HSUS: "Effect" of California Cage Initiative WOULD End Chicken Cages
I have already heard from the Humane Society of the United States concerning my earlier postings (here and here) about the coming initiative in CA to ban what are called battery cages. (Boy, HSUS is quick and doesn't miss a bet!) The representative, Paul Shapiro, senior director of the HSUS Factory Farm Initiative, was very courteous and professional, telling me the initiative is very "modest." My thought was if it is so modest, why so much effort and investment of resources?
Be that as it may, I asked whether it would ban all chicken cages, and here is Mr. Shapiro's response, published here with his kind permission:
The California initiative is very modest, but unfortunately the confinement typical on today's veal, egg, and breeding pork facilities has become so extreme that just giving these animals sufficient space to engage in basic movement is a very meaningful improvement. In other words, this initiative will significantly improve the welfare of millions of animals in California. To put it in perspective, each egg-laying hen confined in a battery cage has less space on which to live than a letter-sized sheet of paper for more than a year before she's slaughtered. It's hard to imagine a worse fate. You can read about the science demonstrating that this extreme confinement is detrimental to the animals' welfare at http://www.humanecalifornia.org/science/index.php . Also, you can see photos of this confinement at http://www.humanecalifornia.org/gallery/index.phpCage free chickens would seem to increase the price of eggs quite a bit. And the cages mentioned in the egg industry press release, discussed here at SHS, would seem to fill be permitted under the initiative. If so, the economic impact would be less. But I am open to and need more information. As I learn more, I will post it here.
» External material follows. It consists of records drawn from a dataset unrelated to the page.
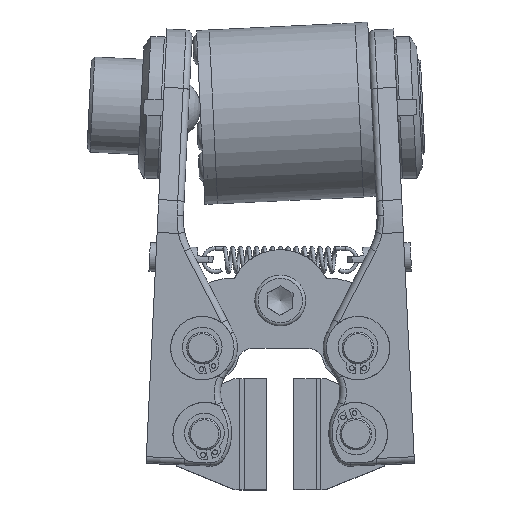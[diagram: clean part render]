
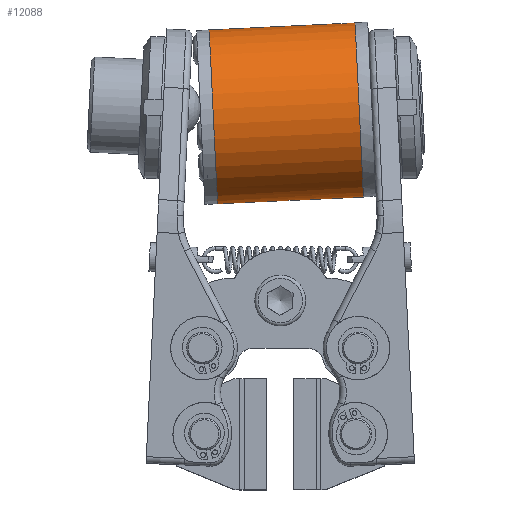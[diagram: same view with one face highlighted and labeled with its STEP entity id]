
A CAD part, top view. The second image highlights one B-rep face of the part: STEP entity #12088.
In plain terms, the highlighted cylindrical face has radius 27.5 mm (diameter 55 mm), a full revolution.
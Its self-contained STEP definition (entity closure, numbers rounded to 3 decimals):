
#1156=FACE_OUTER_BOUND('',#1839,.T.);
#1839=EDGE_LOOP('',(#8503,#8504,#8505,#8506,#8507,#8508,#8509,#8510));
#2612=LINE('',#18455,#3462);
#3462=VECTOR('',#14617,27.5);
#4328=CIRCLE('',#12857,27.5);
#4329=CIRCLE('',#12858,27.5);
#4330=CIRCLE('',#12859,27.5);
#4336=CIRCLE('',#12870,27.5);
#4337=CIRCLE('',#12871,27.5);
#4338=CIRCLE('',#12872,27.5);
#5177=VERTEX_POINT('',#18382);
#5178=VERTEX_POINT('',#18384);
#5179=VERTEX_POINT('',#18386);
#5187=VERTEX_POINT('',#18408);
#5188=VERTEX_POINT('',#18409);
#5189=VERTEX_POINT('',#18411);
#6445=EDGE_CURVE('',#5178,#5177,#4328,.T.);
#6446=EDGE_CURVE('',#5179,#5178,#4329,.T.);
#6447=EDGE_CURVE('',#5177,#5179,#4330,.T.);
#6455=EDGE_CURVE('',#5187,#5188,#4336,.T.);
#6456=EDGE_CURVE('',#5188,#5189,#4337,.T.);
#6457=EDGE_CURVE('',#5189,#5187,#4338,.T.);
#6480=EDGE_CURVE('',#5189,#5178,#2612,.T.);
#8503=ORIENTED_EDGE('',*,*,#6456,.F.);
#8504=ORIENTED_EDGE('',*,*,#6455,.F.);
#8505=ORIENTED_EDGE('',*,*,#6457,.F.);
#8506=ORIENTED_EDGE('',*,*,#6480,.T.);
#8507=ORIENTED_EDGE('',*,*,#6445,.T.);
#8508=ORIENTED_EDGE('',*,*,#6447,.T.);
#8509=ORIENTED_EDGE('',*,*,#6446,.T.);
#8510=ORIENTED_EDGE('',*,*,#6480,.F.);
#11822=CYLINDRICAL_SURFACE('',#12895,27.5);
#12088=ADVANCED_FACE('',(#1156),#11822,.T.);
#12857=AXIS2_PLACEMENT_3D('',#18385,#14528,#14529);
#12858=AXIS2_PLACEMENT_3D('',#18387,#14530,#14531);
#12859=AXIS2_PLACEMENT_3D('',#18388,#14532,#14533);
#12870=AXIS2_PLACEMENT_3D('',#18410,#14556,#14557);
#12871=AXIS2_PLACEMENT_3D('',#18412,#14558,#14559);
#12872=AXIS2_PLACEMENT_3D('',#18413,#14560,#14561);
#12895=AXIS2_PLACEMENT_3D('',#18454,#14615,#14616);
#14528=DIRECTION('center_axis',(0.999,0.048,0.));
#14529=DIRECTION('ref_axis',(-0.034,0.705,-0.708));
#14530=DIRECTION('center_axis',(0.999,0.048,0.));
#14531=DIRECTION('ref_axis',(-0.034,0.705,-0.708));
#14532=DIRECTION('center_axis',(0.999,0.048,0.));
#14533=DIRECTION('ref_axis',(-0.034,0.705,-0.708));
#14556=DIRECTION('center_axis',(0.999,0.048,0.));
#14557=DIRECTION('ref_axis',(-0.034,0.705,-0.708));
#14558=DIRECTION('center_axis',(0.999,0.048,0.));
#14559=DIRECTION('ref_axis',(-0.034,0.705,-0.708));
#14560=DIRECTION('center_axis',(0.999,0.048,0.));
#14561=DIRECTION('ref_axis',(-0.034,0.705,-0.708));
#14615=DIRECTION('center_axis',(0.999,0.048,0.));
#14616=DIRECTION('ref_axis',(-0.034,0.705,-0.708));
#14617=DIRECTION('',(-0.999,-0.048,0.));
#18382=CARTESIAN_POINT('',(-20.12,63.449,-19.423));
#18384=CARTESIAN_POINT('',(-20.123,63.494,19.468));
#18385=CARTESIAN_POINT('Origin',(-21.056,82.895,0.));
#18386=CARTESIAN_POINT('',(-21.99,102.295,-19.468));
#18387=CARTESIAN_POINT('Origin',(-21.056,82.895,0.));
#18388=CARTESIAN_POINT('Origin',(-21.056,82.895,0.));
#18408=CARTESIAN_POINT('',(26.081,60.362,-11.942));
#18409=CARTESIAN_POINT('',(23.957,104.506,-19.468));
#18410=CARTESIAN_POINT('Origin',(24.891,85.106,0.));
#18411=CARTESIAN_POINT('',(25.824,65.705,19.468));
#18412=CARTESIAN_POINT('Origin',(24.891,85.106,0.));
#18413=CARTESIAN_POINT('Origin',(24.891,85.106,0.));
#18454=CARTESIAN_POINT('Origin',(1.917,84.,0.));
#18455=CARTESIAN_POINT('',(2.851,64.6,19.468));

This initiative doesn't explicitly prohibit cages, but it's likely that would be the effect, since the primary reason cages are used to confine laying hens is because it's cheap to do so. When producers have to give their animals more space, cages become less economically attractive, leading producers to switch to cage-free production systems which allow the animals to engage in more of their basic behaviors. But again, all this initiative asks is that the animals be able to stand up, lie down, turn around, and extend their limbs.
Florida was important because it set a precedent that confining breeding pigs in crates barely larger than their bodies for months on end is so cruel and inhumane that it simply ought to be banned. That said, even if we agree to disagree about Florida, I hope we can agree on California!


10 Comments:
believe that HSUS does a huge injustice by spending so much time and as you said resources making the conditions better for animals when what they are also doing at the same time is making people feel more comfortable about eating and using animals. This will increase the amount of animals raised and killed for food and thus increasing and creating more and more animal suffering.
As I've noticed from you and your readers that the idea of animal suffering means close to nothing when weighed against the price of chicken embryos or the cost of other animal body parts.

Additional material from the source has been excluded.